There remain only the consoling words of Colin Powell and his "Crisis, what crisis?" routine last weekend. North Korea, he now suggests (upping fuzzy CIA speculation into hard fact) already has a couple of nuclear weapons. So if it gets a few more, what's the big deal? In short, this is not a crisis. The truth, however, is surely the reverse. Iraq is a crisis today only because the US has made it so. Pyongyang's capabilities and avowed ambitions, on the other hand, mean it is a menace to its region and beyond, on a scale not remotely matched by Iraq.

Only the super-hawks (admittedly a vocal species in Washington) are hanging tough. According to them, the real mistake Bush made was to dither on Iraq. Had the US moved earlier and unilaterally to topple Saddam, the "weird little dude" would have got the message and agreed to get rid of his weapons. But after warning that the US was perfectly capable of fighting two regional wars at once, even Donald Rumsfeld at the Pentagon has fallen silent.

The truth is that North Korea is a crisis the Bush crowd have brought upon themselves. This administration inherited a tantalising possibility when it came to office in January 2001. Three months earlier, a senior North Korean envoy was admitted to the Oval Office to invite the then President, Bill Clinton, to pay a visit, hinting that great things might happen. But the White House could not be sure what Kim had in mind, and nothing happened.

Then came Bush, whose foreign policy consisted mainly of undoing the policies of those Clintonite softies. The stick rather than the carrot was deemed appropriate for the North, even though this has deeply upset Washington's South Korean allies, committed to a "sunshine policy" of opening up to the North that one day might lead to reunification; 11 September, understandably, hardened attitudes. Rogue states became legitimate targets in the war on terror.

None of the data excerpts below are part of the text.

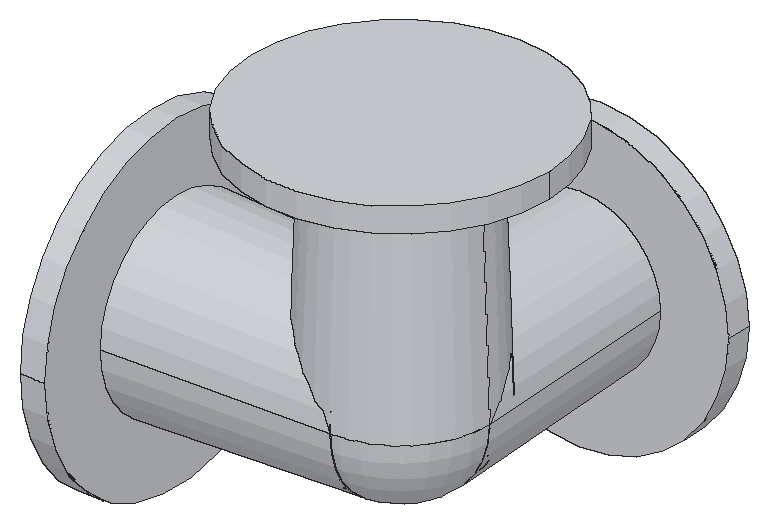
Revit family "448d0c61c2b14ca598f84a352831f85f", category Pipe Fittings, Revit 2021
Family settings
  Round Connector Dimension = Use Radius
  Part Type = Multi Port
  OmniClass Number = 23.60.30.11.14
  OmniClass Title = Pipework Fittings
  Seek Item ID = Elbow Reducing Side-Outlet - Flanged - GI - Class 25-0000-USA-ENU
  Work Plane-Based = No
  Always vertical = Yes
  Cut with Voids When Loaded = No
  Shared = No
Parameters (values of type "Standard")
  Wall Thickness 3 [instance] = size_lookup(Lookup Table Name, "WThk", 0.02 * Nominal Diameter 3 + 21/64", Nominal Diameter 3)  # 0.43307"
  Wall Thickness 2 [instance] = size_lookup(Lookup Table Name, "WThk", 0.02 * Nominal Diameter 2 + 21/64", Nominal Diameter 2)  # 0.43307"
  Wall Thickness 1 [instance] = size_lookup(Lookup Table Name, "WThk", 0.02 * Nominal Diameter 1 + 21/64", Nominal Diameter 1)  # 0.43307"
  Tick Size 3 [instance] = Flange Diameter 3 * 0.4  # 3.6063"
  Tick Size 2 [instance] = Flange Diameter 2 * 0.4  # 3.6063"
  Tick Size 1 [instance] = Flange Diameter 1 * 0.4  # 4"
  Nominal Radius 3 [instance] = 2"
  Nominal Radius 2 [instance] = 2"
  Nominal Diameter 3 [instance] = Nominal Radius 3 * 2  # 4"
  Nominal Diameter 2 [instance] = Nominal Radius 2 * 2  # 4"
  Loss Method = Not Defined
  Lookup Table Name = "Elbow Reducing Side-Outlet - Flanged - GI - Class 25"
  Length 9 [instance] = Center to Face + Center to Face * cos(Angle 2)  # 7.51969"
  Length 8 [instance] = Center to Face * sin(Angle 1)  # 7.51969"
  Length 7 [instance] = Center to Face + Center to Face * cos(Angle 1)  # 7.51969"
  Length 6 [instance] = Length 4 * sin(Angle 2)  # 6.77165"
  Length 5 [instance] = Center to Face + Length 4 * cos(Angle 2)  # 7.51969"
  Length 4 [instance] = Center to Face - Flange Thickness 3  # 6.77165"
  Length 3 [instance] = Length 1 * sin(Angle 1)  # 6.77165"
  Length 2 [instance] = Center to Face + Length 1 * cos(Angle 1)  # 7.51969"
  Length 15 [instance] = Center to Face - Flange Thickness 3  # 6.77165"
  Length 14 [instance] = Center to Face - Fitting Outside Radius 4 * cos(Angle 2)  # 7.51969"
  Length 13 [instance] = Fitting Outside Radius 4 * sin(Angle 2)  # 2.68701"
  Length 12 [instance] = Center to Face - Fitting Outside Radius 4 * cos(Angle 2)  # 7.51969"
  Length 11 [instance] = Fitting Outside Radius 4 * sin(Angle 2)  # 2.68701"
  Length 10 [instance] = Center to Face * sin(Angle 2)  # 7.51969"
  Length 1 [instance] = Center to Face - Flange Thickness 2  # 6.77165"
  Max Nominal Diameter 123 [instance] = if(Max Nominal Diameter 12 > Nominal Diameter 3, Max Nominal Diameter 12, Nominal Diameter 3)  # 5"
  Max Nominal Diameter 12 [instance] = if(Nominal Diameter 1 > Nominal Diameter 2, Nominal Diameter 1, Nominal Diameter 2)  # 5"
  Flange Thickness 3 [instance] = size_lookup(Lookup Table Name, "FThk", 0.03 * Nominal Diameter 3 + 169/256", Nominal Diameter 3)  # 0.74803"
  Flange Thickness 2 [instance] = size_lookup(Lookup Table Name, "FThk", 0.03 * Nominal Diameter 2 + 169/256", Nominal Diameter 2)  # 0.74803"
  Flange Radius 3 [instance] = Flange Diameter 3 / 2  # 4.50787"
  Flange Radius 2 [instance] = Flange Diameter 2 / 2  # 4.50787"
  Flange Diameter 3 [instance] = size_lookup(Lookup Table Name, "FDia", 1.16 * Nominal Diameter 3 + 4 11/16", Nominal Diameter 3)  # 9.01575"
  Flange Diameter 2 [instance] = size_lookup(Lookup Table Name, "FDia", 1.16 * Nominal Diameter 2 + 4 11/16", Nominal Diameter 2)  # 9.01575"
  Fitting Outside Radius 3 [instance] = Fitting Outside Diameter 3 / 2  # 2.44094"
  Fitting Outside Radius 4 [instance] = (Fitting Outside Radius 1 + Fitting Outside Radius 2) / 2  # 2.68701"
  Fitting Outside Radius 2 [instance] = Fitting Outside Diameter 2 / 2  # 2.44094"
  Fitting Outside Radius 1 [instance] = Fitting Outside Diameter 1 / 2  # 2.93307"
  Fitting Outside Diameter 2 [instance] = Fitting Inside Diameter 2 + Wall Thickness 2 * 2  # 4.88189"
  Fitting Outside Diameter 1 [instance] = Fitting Inside Diameter 1 + Wall Thickness 1 * 2  # 5.86614"
  Nominal Radius 1 [instance] = 2 1/2"
  Nominal Diameter 1 [instance] = Nominal Radius 1 * 2  # 5"
  Fitting Outside Diameter 3 [instance] = Fitting Inside Diameter 3 + Wall Thickness 3 * 2  # 4.88189"
  Fitting Inside Diameter 3 [instance] = size_lookup(Lookup Table Name, "FID", 1.02 * Nominal Diameter 3 - 0", Nominal Diameter 3)  # 4.01575"
  Fitting Inside Diameter 2 [instance] = size_lookup(Lookup Table Name, "FID", 1.02 * Nominal Diameter 2 - 0", Nominal Diameter 2)  # 4.01575"
  Fitting Inside Diameter 1 [instance] = size_lookup(Lookup Table Name, "FID", 1.02 * Nominal Diameter 1 - 0", Nominal Diameter 1)  # 5"
  Default Elevation = 0' - 0"
  Center to Face [instance] = size_lookup(Lookup Table Name, "CtF", 0.67 * Max Nominal Diameter 123 + 4 89/256", Max Nominal Diameter 123)  # 7.51969"
  Flange Thickness 1 [instance] = size_lookup(Lookup Table Name, "FThk", 0.03 * Nominal Diameter 1 + 169/256", Nominal Diameter 1)  # 0.74803"
  Flange Radius 1 [instance] = Flange Diameter 1 / 2  # 5"
  Flange Diameter 1 [instance] = size_lookup(Lookup Table Name, "FDia", 1.16 * Nominal Diameter 1 + 4 11/16", Nominal Diameter 1)  # 10"
  Assembly Code = ""
  Angle 3 [instance] = 90.00° - Angle 2  # 0.00°
  Angle 2 [instance] = 90.00°
  Angle 1 [instance] = 90.00°
Reference planes (in)
  plane 1 "Center (Front/Back)": y = 0
  plane 2: z = 0
  plane 3 "Center (Left/Right)": x = 0
  plane 4: x = -7.51969
  plane 5: x = -6.77165
  plane 6: y = 6.77165
  plane 7: x = 0
  plane 8: z = 6.77165
  plane 9: x = 0
  plane 10: x = 0
  plane 11: y = 7.51969
  plane 12: x = 0
  plane 13: z = 7.51969
  plane 14: x = 0
  plane 15: z = -2.68701
  plane 16: x = 0
  plane 17: z = -2.68701
Forms (in)
  Sweep 1, solid, detail levels fine
    path in 3D
      loop
        line (-7.51969, 0, 0) -> (-6.77165, 0, 0)
    profile origin (-7.14567, 0, 0) x (0, 1, 0) y (0, 0, 1)
      loop
        circle (0, 0) r 5
  SweptBlend 2, solid, detail levels fine
    path in 3D
      loop
        line (-6.77165, 0, 0) -> (0, 0, 0)
    profile origin (-6.77165, 0, 0) x (0, 1, 0) y (0, 0, 1)
      loop
        circle (0, 0) r 2.93307
    end profile origin (0, 0, 0) x (0, 1, 0) y (0, 0, 1)
      loop
        circle (0, 0) r 2.68701
  SweptBlend 3, solid, detail levels fine
    path in 3D
      loop
        line (0, 0, 0) -> (0, 6.77165, 0)
    profile origin (0, 0, 0) x (-1, 0, 0) y (0, 0, 1)
      loop
        circle (0, 0) r 2.68701
    end profile origin (0, 6.77165, 0) x (-1, 0, 0) y (0, 0, 1)
      loop
        circle (0, 0) r 2.44094
  Sweep 4, solid, detail levels fine
    path in 3D
      loop
        line (0, 6.77165, 0) -> (0, 7.51969, 0)
    profile origin (0, 7.14567, 0) x (-1, 0, 0) y (0, 0, 1)
      loop
        circle (0, 0) r 4.50787
  Sweep 5, solid, detail levels fine
    path in 3D
      loop
        line (0, 0, 6.77165) -> (0, 0, 7.51969)
    profile origin (0, 0, 7.14567) x (-1, 0, 0) y (0, -1, 0)
      loop
        circle (0, 0) r 4.50787
  SweptBlend 6, solid, detail levels fine
    path in 3D
      loop
        line (0, 0, 0) -> (0, 0, 6.77165)
    profile origin (0, 0, 0) x (-1, 0, 0) y (0, -1, 0)
      loop
        circle (0, 0) r 2.68701
    end profile origin (0, 0, 6.77165) x (-1, 0, 0) y (0, -1, 0)
      loop
        circle (0, 0) r 2.44094
  Revolve 7, solid, detail levels fine
    sketch origin (0, 0, 0) x (0, 0, -1) y (1, 0, 0)
      loop
        line (0, 0) -> (2.68701, 0)
        arc (2.68701, 0) -> (1.9, 1.9) -> (0, 2.68701) r 2.68701
        line (0, 2.68701) -> (0, 0)
      axis (2.68701, 0) -> (0, 0)
    angle from 0 to 360
Cuts and joins
  joined: Sweep 1, SweptBlend 2
  joined: SweptBlend 3, Sweep 4
Lines and regions (in)
  model lines, detail levels coarse+medium
    curve 1: line (-6.77165, 0, 0) -> (0, 0, 0)
    curve 2: line (-7.51969, 0, 0) -> (-6.77165, 0, 0)
    curve 5: line (0, 0, 0) -> (0, 6.77165, 0)
    curve 6: line (0, 6.77165, 0) -> (0, 7.51969, 0)
    curve 9: line (0, 0, 0) -> (0, 0, 6.77165)
    curve 10: line (0, 0, 6.77165) -> (0, 0, 7.51969)
    curve 15: line (-7.51969, 4, 0) -> (-7.51969, 0, 0)
    curve 16: line (-7.51969, -4, 0) -> (-7.51969, 0, 0)
    curve 17: line (0, 7.51969, 0) -> (3.6063, 7.51969, 0)
    curve 18: line (0, 7.51969, 0) -> (-3.6063, 7.51969, 0)
    curve 19: line (0, 0, 7.51969) -> (3.6063, 0, 7.51969)
    curve 20: line (0, 0, 7.51969) -> (-3.6063, 0, 7.51969)
  sketch lines
    curve 3: line (-7.51969, 0, 0) -> (-6.77165, 0, 0)
    curve 4: line (-6.77165, 0, 0) -> (0, 0, 0)
    curve 7: line (0, 0, 0) -> (0, 6.77165, 0)
    curve 8: line (0, 6.77165, 0) -> (0, 7.51969, 0)
    curve 11: line (0, 0, 6.77165) -> (0, 0, 7.51969)
    curve 22: line (0, 0, 0) -> (0, 0, 6.77165)
  reference lines
    curve 12: line (-7.51969, 0, 0) -> (-6.77165, 0, 0)
    curve 13: line (0, 7.51969, 0) -> (0, 6.77165, 0)
    curve 14: line (0, 0, 7.51969) -> (0, 0, 6.77165)
    curve 21: line (0, 0, 0) -> (0, 0, 6.77165)
    curve 23: line (0, 0, 0) -> (0, 0, -2.68701)
    curve 24: arc (0, 0, -2.68701) -> (1.9, 0, -1.9) -> (2.68701, 0, 0) r 2.68701
    curve 25: line (0, 0, 0) -> (2.68701, 0, 0)
    curve 26: line (0, 0, -2.68701) -> (0, 0, 0)
    curve 27: line (2.68701, 0, 0) -> (0, 0, 0)
    curve 28: arc (0, 0, -2.68701) -> (1.9, 0, -1.9) -> (2.68701, 0, 0) r 2.68701
Dimensions and locks (in)
  "Center to Face": plane 4 to plane 3 "Center (Left/Right)"
  "Flange Thickness 1": plane 4 to plane 5
  "Length 1": curve 5 to curve 5
  "Length 2": plane 4 to plane 7
  "Length 3": plane 6 to plane 1 "Center (Front/Back)"
  "Flange Thickness 2": curve 6 to curve 6
  "Length 4": curve 9 to curve 9
  "Length 6": plane 8 to plane 2
  "Length 5": plane 9 to plane 4
  "Flange Thickness 3": curve 10 to curve 10
  "Length 7": plane 4 to plane 10
  "Length 8": plane 11 to plane 1 "Center (Front/Back)"
  "Length 9": plane 12 to plane 4
  "Length 10": plane 13 to plane 2
  "Tick Size 1": curve 15 to curve 15
  "Tick Size 1": curve 16 to curve 16
  "Tick Size 2": curve 17 to curve 17
  "Tick Size 2": curve 18 to curve 18
  "Tick Size 3": curve 19 to curve 19
  "Tick Size 3": curve 20 to curve 20
  "Length 15": curve 21 to curve 21
  "Length 11": plane 2 to plane 15
  "Length 13": plane 2 to plane 17
  "Length 12": plane 14 to plane 4
  "Length 14": plane 16 to plane 4
  "Fitting Outside Radius 4": curve 23 to curve 23
  "Fitting Outside Radius 4": curve 25 to curve 25
  locked: Revolve 7 sketch curve to Revolve 7 sketch curve at 4.17158
  "Flange Radius 1": radius of Sweep 1 sketch curve
  "Fitting Outside Radius 1": radius of SweptBlend 2 sketch curve
  "Fitting Outside Radius 4": radius of SweptBlend 2 sketch curve
  "Fitting Outside Radius 4": radius of SweptBlend 3 sketch curve
  "Fitting Outside Radius 2": radius of SweptBlend 3 sketch curve
  "Flange Radius 2": radius of Sweep 4 sketch curve
  "Flange Radius 3": radius of Sweep 5 sketch curve
  "Fitting Outside Radius 4": radius of SweptBlend 6 sketch curve
  "Fitting Outside Radius 3": radius of SweptBlend 6 sketch curve
  "Angle 1": angle plane 1 "Center (Front/Back)" to curve 5
  "Angle 1": angle plane 6 to curve 6
  "Angle 2": angle plane 2 to curve 9
  "Angle 2": angle plane 8 to curve 10
  "Angle 1": angle plane 11 to curve 13
  "Angle 2": angle plane 13 to curve 14
  locked: curve 5 to curve 17 (angle 90.00°)
  locked: curve 18 to curve 5 (angle 90.00°)
  locked: curve 9 to curve 19 (angle 90.00°)
  locked: curve 20 to curve 9 (angle 90.00°)
  "Angle 3": angle curve 21 to plane 3 "Center (Left/Right)"
  "Angle 2": angle plane 2 to curve 23
  locked: curve 24 to curve 24 (angle 90.00°)
  locked: curve 23 to curve 25 (angle 90.00°)
  "Angle 2": angle plane 2 to Revolve 7 sketch curve
  "Angle 2": angle plane 17 to curve 26
  locked: curve 26 to curve 27 (angle 90.00°)
  locked: curve 28 to curve 28 (angle 90.00°)
  aligned and locked: plane 1 "Center (Front/Back)" to curve 1
  aligned and locked: plane 4 to curve 2
  aligned and locked: plane 5 to curve 2
  aligned and locked: plane 3 "Center (Left/Right)" to curve 5
  aligned and locked: plane 1 "Center (Front/Back)" to curve 5
  aligned and locked: plane 2 to curve 9
  aligned and locked: plane 3 "Center (Left/Right)" to curve 9
  aligned and locked: plane 4 to curve 12
  aligned and locked: plane 1 "Center (Front/Back)" to curve 12
  aligned and locked: plane 11 to curve 13
  aligned and locked: plane 10 to curve 13
  aligned and locked: plane 13 to curve 14
  aligned and locked: plane 12 to curve 14
  aligned and locked: curve 15 to plane 4
  aligned and locked: plane 1 "Center (Front/Back)" to curve 16
  aligned and locked: plane 4 to curve 16
  aligned and locked: plane 3 "Center (Left/Right)" to curve 21
  aligned: plane 3 "Center (Left/Right)" to curve 5
  aligned and locked: plane 2 to curve 5
  aligned and locked: plane 3 "Center (Left/Right)" to curve 24
  aligned and locked: plane 2 to curve 24
  aligned and locked: plane 15 to curve 24
  aligned and locked: plane 14 to curve 24
  aligned: plane 3 "Center (Left/Right)" to curve 13
  aligned and locked: plane 2 to curve 13
  aligned and locked: Revolve 7 sketch curve to curve 23
  aligned and locked: Revolve 7 sketch curve to curve 25
  aligned and locked: Revolve 7 sketch curve to curve 24
  aligned and locked: plane 2 to Revolve 7 sketch curve
  aligned and locked: plane 3 "Center (Left/Right)" to Revolve 7 sketch curve
  aligned and locked: plane 17 to curve 26
  aligned and locked: plane 16 to curve 26
  aligned and locked: plane 3 "Center (Left/Right)" to curve 27
  aligned and locked: plane 2 to curve 27
  aligned and locked: plane 3 "Center (Left/Right)" to curve 28
  aligned and locked: plane 2 to curve 28
Automatic sketch dimensions
  curve 23 to plane 15 = 0' - 0"
  curve 12 to plane 5 = 0' - 0"
  Sweep 1 sketch curve to profile plane = 0' - 0"  (x2)
  SweptBlend 2 sketch curve to profile plane = 0' - 0"  (x4)
  SweptBlend 3 sketch curve to profile plane = 0' - 0"  (x4)
  Sweep 4 sketch curve to profile plane = 0' - 0"  (x2)
  Sweep 5 sketch curve to profile plane = 0' - 0"
  profile plane to Sweep 5 sketch curve = 0' - 0"
  SweptBlend 6 sketch curve to profile plane = 0' - 0"  (x2)
  profile plane to SweptBlend 6 sketch curve = 0' - 0"  (x2)
Connectors (in)
  piping at (-7.51969, 0, 0), diameter 5, driven by "Angle 1", driven by "Nominal Radius 1"
    settings: on cut or joined group of Sweep 1, SweptBlend 2, index 1, connector inside diameter 5", connector length 0' - 0", flow factor 0, pipe flow 0 GPM, pressure drop 0.00 psi, fitting loss kfactor 0, connector angle 90.00°, fixture units 0, engagement length 0' - 0", angle of deflection 0.00°, flow configuration 0, flow direction 0, fitting loss method 0, system type 28, joint type 0, gender type 0, connector reference index 2, connector utility 0, adjustable connector no, is connector primary yes, connector description ""
  piping at (0, 7.51969, 0), diameter 4, driven by "Angle 1", driven by "Nominal Radius 2"
    settings: on cut or joined group of SweptBlend 3, Sweep 4, index 2, connector inside diameter 4", connector length 0' - 0", flow factor 0, pipe flow 0 GPM, pressure drop 0.00 psi, fitting loss kfactor 0, connector angle 90.00°, fixture units 0, engagement length 0' - 0", angle of deflection 0.00°, flow configuration 0, flow direction 0, fitting loss method 0, system type 28, joint type 0, gender type 0, connector reference index 1, connector utility 0, adjustable connector no, is connector primary no, connector description ""
  piping at (0, 0, 7.51969), diameter 4, driven by "Nominal Radius 3", driven by "Angle 2"
    settings: on Sweep 5, index 3, connector inside diameter 4", connector length 0' - 0", flow factor 0, pipe flow 0 GPM, pressure drop 0.00 psi, fitting loss kfactor 0, connector angle 90.00°, fixture units 0, engagement length 0' - 0", angle of deflection 0.00°, flow configuration 0, flow direction 0, fitting loss method 0, system type 28, joint type 0, gender type 0, connector reference index -1, connector utility 0, adjustable connector no, is connector primary no, connector description ""

But the "weird little dude" has used Mr Bush's fixation with Iraq to call his bluff. Washington is left with three bad options. It can act militarily against the North, a step successive administrations have concluded would detonate a second Korean war. Or it can watch the North become a nuclear power, with all the dangers for the region and the world outlined above. Or it can negotiate – which America says is out of the question until Pyongyang agrees to abandon its nuclear ambitions.

But sooner or later there will be talks; indeed General Powell's formulations of "tailored containment" and "bold dialogue" confirm as much. In the meantime, his boss has learnt that cheap words can have expensive consequences.